Над ухом, бубня, монотонно, будто таблицу умножения зачитывая, матерелись. И был этот мат таким восхитительным, таким утешающим, что Мария Архиповна даже зажмурилась от удовольствия.
– Ну вот, ну вот, – чужое квохтание не сразу дошло до переполненной счастьем головы. – Ой, бедные девочки! Вот ведь настрадались-то! Как же это, а?
– Да ладно вам кудахтать-то! – прогудел недовольный бас. – Понятное же дело. Взяли того, – послышался звук, будто кто-то щёлкнул ногтём по натянутой шкуре барабана. – И того! Всё!

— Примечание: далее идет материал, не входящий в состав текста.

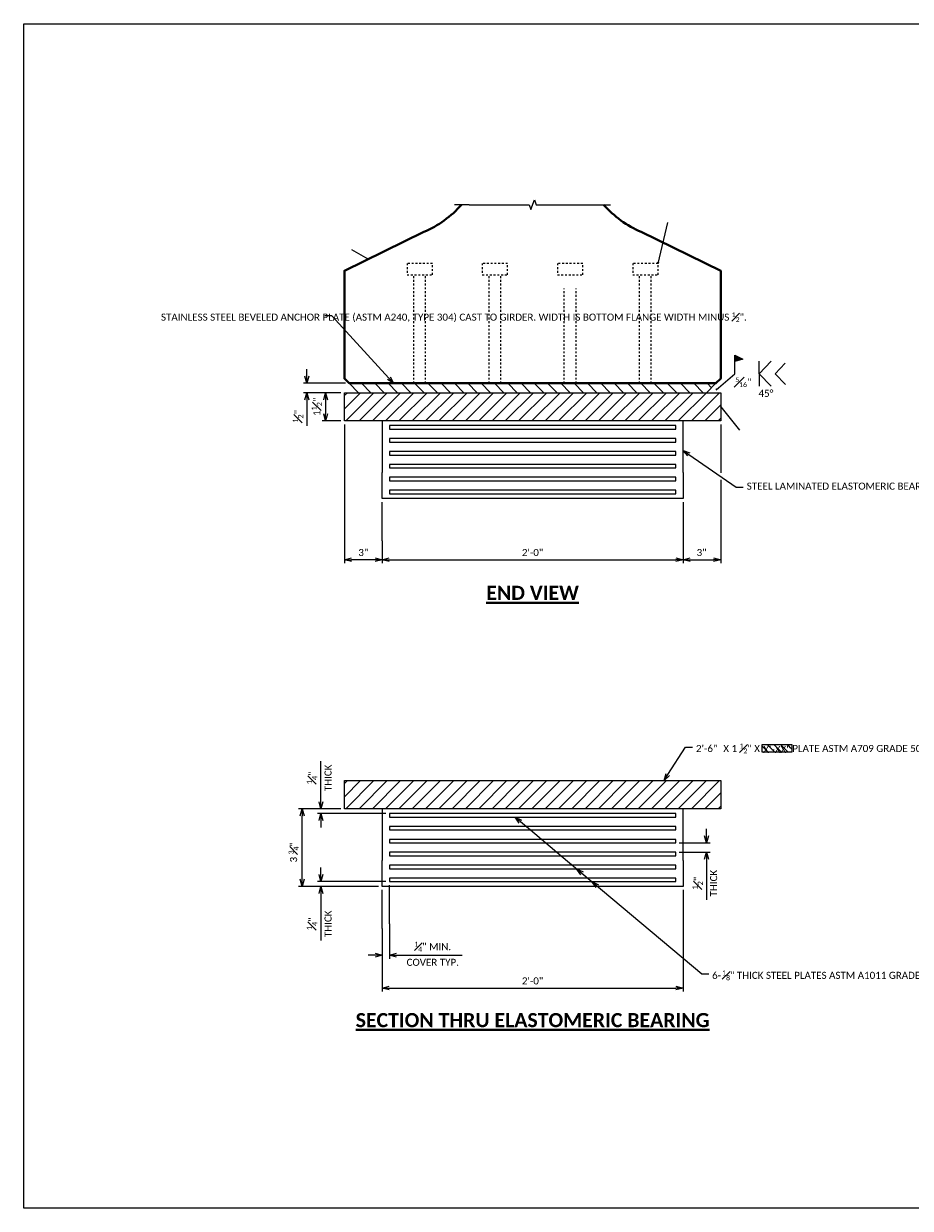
# Model space of a CAD drawing. Extents: x 128 to 282, y -33 to 30.
# Tile 1 of 3: x 128 to 175, y -33 to 30. Entities that reach past the tile are written whole.
import ezdxf
from ezdxf import colors
from ezdxf.entities.mleader import LeaderData, LeaderLine
from ezdxf.enums import TextEntityAlignment as Align
from ezdxf.math import Vec2, Vec3

# ---------------------------------------------------------------- set-up
doc = ezdxf.new("R2010")
doc.units = 0
doc.header["$MEASUREMENT"] = 0
doc.linetypes.add('Wisdot2', pattern=[0.125, 0.0625, -0.0625])
for name, color, linetype, lineweight in [('B_ANNO_BREAK', 7, 'Continuous', 18), ('B_ANNO_DIM', 7, 'Continuous', 18), ('B_ANNO_TEXT_TITLE', 7, 'Continuous', 40), ('B_BRG', 7, 'Continuous', 18), ('B_CONC_GIRD', 50, 'Continuous', 40), ('B_DETAIL_HIDDEN', 7, 'Wisdot2', 25), ('B_STEEL', 92, 'Continuous', 18)]:
    doc.layers.add(name, color=color, linetype=linetype, lineweight=lineweight)
doc.layers.add('B_ANNO_DESIGN_NOTES', color=1, linetype='Continuous', lineweight=18, true_color=0xff0000)
doc.layers.add('B_ANNO_NOPLOT', color=47, linetype='Continuous', lineweight=18, plot=False)
doc.styles.add('Annotative', font='calibri.ttf', dxfattribs={"height": 0.0625})
doc.styles.get("Standard").update_dxf_attribs({"font": 'calibri.ttf'})
doc.styles.add('Title', font='calibrib.ttf', dxfattribs={"height": 0.125})
doc.dimstyles.new('Annotative', dxfattribs={"dimscale": 0, "dimtxt": 0.0625, "dimasz": 0.0625, "dimexe": 0.03125, "dimexo": 0.03125, "dimgap": 0.03125, "dimtad": 1, "dimdec": 3, "dimzin": 3, "dimdsep": 46, "dimlunit": 4, "dimtxsty": 'Standard', "dimblk": 'OPEN30', "dimcen": 0.03125, "dimaunit": 1, "dimadec": 0, "dimazin": 3, "dimtfac": 0.75, "dimtdec": 3, "dimtofl": 0, "dimtmove": 0, "dimatfit": 3, "dimldrblk": 'OPEN30', "dimfxl": 1, "dimtfill": 1, "dimfrac": 1, "dimtolj": 1, "dimtzin": 0, "dimarcsym": 0})

# ---------------------------------------------------------------- blocks, each defined once
blk = doc.blocks.new('_Open30')
at = {"color": 0, "linetype": 'ByBlock', "lineweight": -2}
for p, q in [((-1, 0.27), (0, 0)), ((0, 0), (-1, -0.27)), ((0, 0), (-1, 0))]:
    blk.add_line(p, q, dxfattribs=at)
blk = doc.blocks.new('*D90')
at = {"layer": 'B_ANNO_DIM', "color": 0, "lineweight": -2, "transparency": 16777216}
for p, q in [((37.067, 41.688), (37.067, 39.114)), ((37.067, 38.739), (37.067, 34.308)), ((35.063, 35.5), (35.063, 34.308)), ((35.438, 34.496), (36.692, 34.496))]:
    blk.add_line(p, q, dxfattribs=at)
at = {"layer": 'Defpoints', "color": 0, "transparency": 16777216}
for p in [(37.067, 41.875), (35.063, 35.687, -0.842), (37.067, 34.496)]:
    blk.add_point(p, dxfattribs=at)
at = {"layer": 'B_ANNO_DIM', "color": 0, "lineweight": -2, "transparency": 16777216, "xscale": 0.3749999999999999, "yscale": 0.3749999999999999, "zscale": 0.3749999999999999, "rotation": 180}
blk.add_blockref('_Open30', (35.063, 34.496), dxfattribs=at)
at = {"layer": 'B_ANNO_DIM', "color": 0, "lineweight": -2, "transparency": 16777216, "xscale": 0.3749999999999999, "yscale": 0.3749999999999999, "zscale": 0.3749999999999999}
blk.add_blockref('_Open30', (37.067, 34.496), dxfattribs=at)
at = {"layer": 'B_ANNO_DIM', "color": 0, "transparency": 16777216, "insert": (36.053, 34.875), "char_height": 0.375, "attachment_point": 5, "bg_fill": 3, "box_fill_scale": 1.25, "bg_fill_color": 256, "bg_fill_true_color": 13158600, "bg_fill_transparency": 0}
blk.add_mtext('\\A1;3"', dxfattribs=at)
blk = doc.blocks.new('*D76')
at = {"layer": 'B_ANNO_DIM', "color": 0, "lineweight": -2, "transparency": 16777216}
for p, q in [((17.059, 41.688), (17.059, 34.308)), ((19.063, 35.5), (19.063, 34.308)), ((18.688, 34.496), (17.434, 34.496))]:
    blk.add_line(p, q, dxfattribs=at)
at = {"layer": 'Defpoints', "color": 0, "transparency": 16777216}
for p in [(17.059, 41.875), (19.063, 35.687, -0.842), (17.059, 34.496)]:
    blk.add_point(p, dxfattribs=at)
at = {"layer": 'B_ANNO_DIM', "color": 0, "lineweight": -2, "transparency": 16777216, "xscale": 0.3749999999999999, "yscale": 0.3749999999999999, "zscale": 0.3749999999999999, "rotation": 180}
blk.add_blockref('_Open30', (17.059, 34.496), dxfattribs=at)
at = {"layer": 'B_ANNO_DIM', "color": 0, "lineweight": -2, "transparency": 16777216, "xscale": 0.3749999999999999, "yscale": 0.3749999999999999, "zscale": 0.3749999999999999}
blk.add_blockref('_Open30', (19.063, 34.496), dxfattribs=at)
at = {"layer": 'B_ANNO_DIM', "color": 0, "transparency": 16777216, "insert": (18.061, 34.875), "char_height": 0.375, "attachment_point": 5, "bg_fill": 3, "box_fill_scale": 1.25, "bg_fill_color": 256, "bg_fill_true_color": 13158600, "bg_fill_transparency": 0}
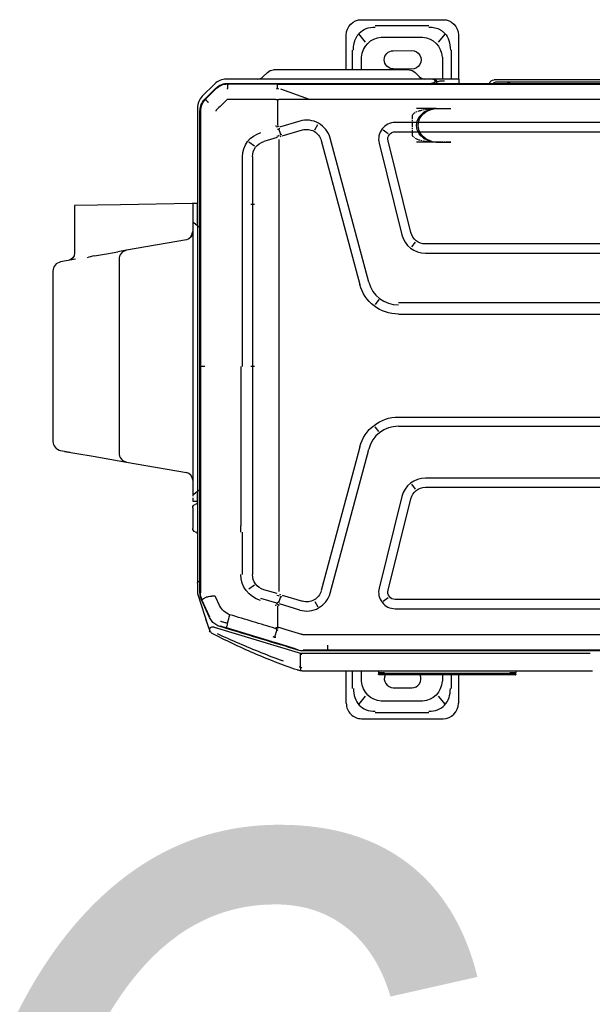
# Model space of a CAD drawing. Header units: millimetres. Extents: x 922208 to 1069538, y -182208 to -99877.
# Tile 122 of 256: x 986661 to 987034, y -173606 to -172965. Entities that reach past the tile are written whole.
import ezdxf

# ---------------------------------------------------------------- set-up
doc = ezdxf.new("R2010")
doc.units = ezdxf.units.MM
doc.header["$MEASUREMENT"] = 0
doc.linetypes.add('CENTER', pattern=[0.508, 0.3175, -0.0635, 0.0635, -0.0635])
doc.layers.add('IS_KLIM_urządzenia', color=3, linetype='Continuous')
doc.layers.add('Nowe_Adnotacja - Teksty_Nr_pióra__86', color=7, linetype='Continuous', lineweight=20, true_color=0x5555ff)
doc.styles.add('STYL_AUTOMATYCZNY_4', font='times.ttf')

# ---------------------------------------------------------------- blocks, each defined once
blk = doc.blocks.new('G$CE471A013')
at = {"linetype": 'Continuous'}
for p, q in [((14.865, 41.216), (9.565, 41.216)), ((10.489, 40.816), (13.993, 40.816)), ((8.565, 40.216), (8.565, 37.347)), ((9.43, 40.295), (9.874, 39.746)), ((13.583, 40.077), (10.899, 40.077)), ((14.608, 39.746), (15.052, 40.295)), ((15.865, 37.947), (15.865, 40.216)), ((9.009, 37.347), (9.009, 39.241)), ((12.803, 39.198), (11.603, 39.206)), ((15.473, 39.241), (15.473, 37.947)), ((9.606, 38.769), (9.606, 37.347)), ((14.876, 37.947), (14.876, 38.769)), ((11.603, 38.006), (12.803, 38.013)), ((11.782, 37.947), (13.342, 37.947)), ((13.342, 37.947), (19.042, 37.947)), ((19.042, 37.947), (20.602, 37.947)), ((-63.256, 37.301), (6.245, 37.301)), ((8.525, 37.347), (9.465, 37.347)), ((8.525, 37.243), (8.525, 37.347)), ((8.525, 37.069), (8.525, 37.243)), ((9.465, 37.347), (10.165, 37.347)), ((10.165, 37.347), (10.236, 37.347)), ((10.236, 37.347), (23.677, 37.347)), ((11.386, 37.783), (11.097, 37.494)), ((21.287, 37.494), (20.998, 37.783)), ((23.598, 37.069), (-66.48, 37.069)), ((-62.823, 37.151), (6.095, 37.151)), ((20.329, 37.029), (-21.491, 37.029)), ((9.965, 37.069), (9.965, 37.147)), ((18.258, 36.025), (20.129, 36.699)), ((23.553, 37.034), (20.329, 37.029)), ((23.592, 37.035), (23.552, 37.034)), ((24.011, 36.986), (23.999, 36.958)), ((25.023, 36.045), (24.349, 36.718)), ((25.071, 36.043), (24.361, 36.753)), ((24.441, 37.031), (25.239, 36.233)), ((20.348, 36.02), (20.348, 34.339)), ((25.023, 36.045), (25.043, 36.025)), ((9.915, 35.441), (9.065, 35.441)), ((9.915, 35.441), (9.065, 35.441)), ((9.915, 35.441), (9.065, 35.441)), ((10.015, 35.441), (9.165, 35.441)), ((10.015, 35.441), (9.165, 35.441)), ((10.015, 35.441), (9.165, 35.441)), ((10.015, 35.441), (9.165, 35.441)), ((10.015, 35.441), (9.165, 35.441)), ((10.015, 35.441), (9.165, 35.441)), ((10.015, 35.441), (9.165, 35.441)), ((10.015, 35.441), (9.165, 35.441)), ((10.015, 35.441), (9.165, 35.441)), ((10.015, 35.441), (9.165, 35.441)), ((10.015, 35.441), (9.165, 35.441)), ((10.015, 35.441), (9.165, 35.441)), ((10.015, 35.441), (9.165, 35.441)), ((10.015, 35.441), (9.165, 35.441)), ((10.015, 35.441), (9.165, 35.441)), ((10.015, 35.441), (9.165, 35.441)), ((10.015, 35.441), (9.165, 35.441)), ((10.015, 35.441), (9.165, 35.441)), ((10.015, 35.441), (9.165, 35.441)), ((10.015, 35.441), (9.165, 35.441)), ((10.015, 35.441), (9.165, 35.441)), ((10.015, 35.441), (11.285, 35.441)), ((10.015, 35.441), (11.285, 35.441)), ((10.015, 35.441), (11.285, 35.441)), ((10.015, 35.441), (11.285, 35.441)), ((10.015, 35.441), (11.285, 35.441)), ((10.015, 35.441), (11.285, 35.441)), ((10.015, 35.441), (11.285, 35.441)), ((10.015, 35.441), (11.285, 35.441)), ((10.015, 35.441), (11.285, 35.441)), ((10.015, 35.441), (11.285, 35.441)), ((25.304, 35.693), (25.278, 35.682)), ((25.355, 35.268), (25.355, 18.659)), ((25.387, 3.917), (25.387, 35.28)), ((25.555, 35.469), (25.555, 27.827)), ((18.891, 34.614), (20.219, 34.22)), ((-55.564, 34.525), (12.681, 34.525)), ((13.463, 34.056), (13.147, 33.809)), ((17.908, 34.052), (17.713, 34.401)), ((20.03, 33.65), (18.72, 34.039)), ((20.116, 33.739), (20.246, 34.12)), ((20.343, 34.089), (20.3, 34.102)), ((12.681, 33.925), (-55.564, 33.925)), ((11.659, 27.368), (13.147, 33.329)), ((14.405, 24.142), (16.915, 33.508)), ((17.495, 33.353), (14.985, 23.986)), ((20.13, 33.616), (20.19, 33.593)), ((20.228, 29.549), (20.228, 33.418)), ((20.36, 33.54), (21.229, 33.292)), ((9.915, 33.241), (9.065, 33.241)), ((9.915, 33.241), (9.065, 33.241)), ((9.915, 33.241), (9.065, 33.241)), ((10.015, 33.241), (9.165, 33.241)), ((10.015, 33.241), (9.165, 33.241)), ((10.015, 33.241), (9.165, 33.241)), ((10.015, 33.241), (9.165, 33.241)), ((10.015, 33.241), (9.165, 33.241)), ((10.015, 33.241), (9.165, 33.241)), ((10.015, 33.241), (9.165, 33.241)), ((10.015, 33.241), (9.165, 33.241)), ((10.015, 33.241), (9.165, 33.241)), ((10.015, 33.241), (9.165, 33.241)), ((10.015, 33.241), (9.165, 33.241)), ((10.015, 33.241), (9.165, 33.241)), ((10.015, 33.241), (9.165, 33.241)), ((10.015, 33.241), (9.165, 33.241)), ((10.015, 33.241), (9.165, 33.241)), ((10.015, 33.241), (9.165, 33.241)), ((10.015, 33.241), (9.165, 33.241)), ((10.015, 33.241), (9.165, 33.241)), ((10.015, 33.241), (9.165, 33.241)), ((10.015, 33.241), (9.165, 33.241)), ((10.015, 33.241), (9.165, 33.241)), ((10.015, 33.241), (11.285, 33.241)), ((10.015, 33.241), (11.285, 33.241)), ((10.015, 33.241), (11.285, 33.241)), ((10.015, 33.241), (11.285, 33.241)), ((10.015, 33.241), (11.285, 33.241)), ((10.015, 33.241), (11.285, 33.241)), ((10.015, 33.241), (11.285, 33.241)), ((10.015, 33.241), (11.285, 33.241)), ((10.015, 33.241), (11.285, 33.241)), ((10.015, 33.241), (11.285, 33.241)), ((13.729, 33.184), (12.241, 27.223)), ((21.835, 32.988), (22.215, 33.248)), ((21.97, 32.296), (21.97, 29.549)), ((22.62, 29.549), (22.62, 32.296)), ((20.228, 7.87), (20.228, 29.549)), ((21.97, 29.549), (21.97, 29.212)), ((22.62, 29.212), (22.62, 29.549)), ((22.067, 29.212), (21.834, 29.212)), ((21.97, 29.212), (21.97, 18.659)), ((22.62, 18.659), (22.62, 29.212)), ((25.556, 29.072), (25.555, 29.072)), ((25.556, 29.262), (25.856, 29.257)), ((25.556, 28.762), (25.556, 29.262)), ((25.856, 29.257), (25.856, 28.757)), ((25.856, 29.257), (25.906, 29.256)), ((25.906, 29.256), (30.556, 29.175)), ((30.556, 29.175), (33.556, 29.122)), ((33.556, 29.122), (33.556, 26.034)), ((25.556, 28.572), (25.555, 28.572)), ((25.556, 27.945), (25.556, 28.762)), ((25.856, 28.757), (25.856, 28.17)), ((25.556, 27.82), (25.387, 27.693)), ((25.555, 27.827), (25.555, 27.819)), ((25.556, 27.82), (25.556, 27.945)), ((25.679, 27.912), (25.556, 27.82)), ((25.556, 27.82), (25.556, 10.508)), ((25.556, 27.82), (25.556, 10.508)), ((25.679, 27.912), (25.837, 28.03)), ((25.856, 28.17), (25.856, 28.098)), ((25.856, 28.098), (25.856, 10.282)), ((-53.591, 26.625), (10.708, 26.625)), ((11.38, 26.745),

– Ой, Колька, ты б молчал, тебе вечно только до того!
– Видите, у печки пол железом оббит? – частил высоковатый даже для него голос Тёмы. – Это чтоб угли на половицы не попали. Ну и крышка-то тоже оббита и не заметишь. Вроде лист и лист. Нет, ты смотри, смотри! Вот гвоздики и вот гвоздики. Здесь шов между листами и здесь вроде шов. А это совсем и не шов! Щель между крышкой и полом! Здорово, да? Если б не Арей…
Ирка ревела с подвыванием, будто профессиональная плакальщица и её, кажется, тоже кто-то утешал. А Маша, наконец, что-то начала соображать. Она подалась чуть назад, отлипнув носом от почему-то мокрой, хоть выжимай, майки, снизу вверх заглянула в очень серьёзные, даже, наверное, сердитые и светлые, совсем как у Зверя, глаза.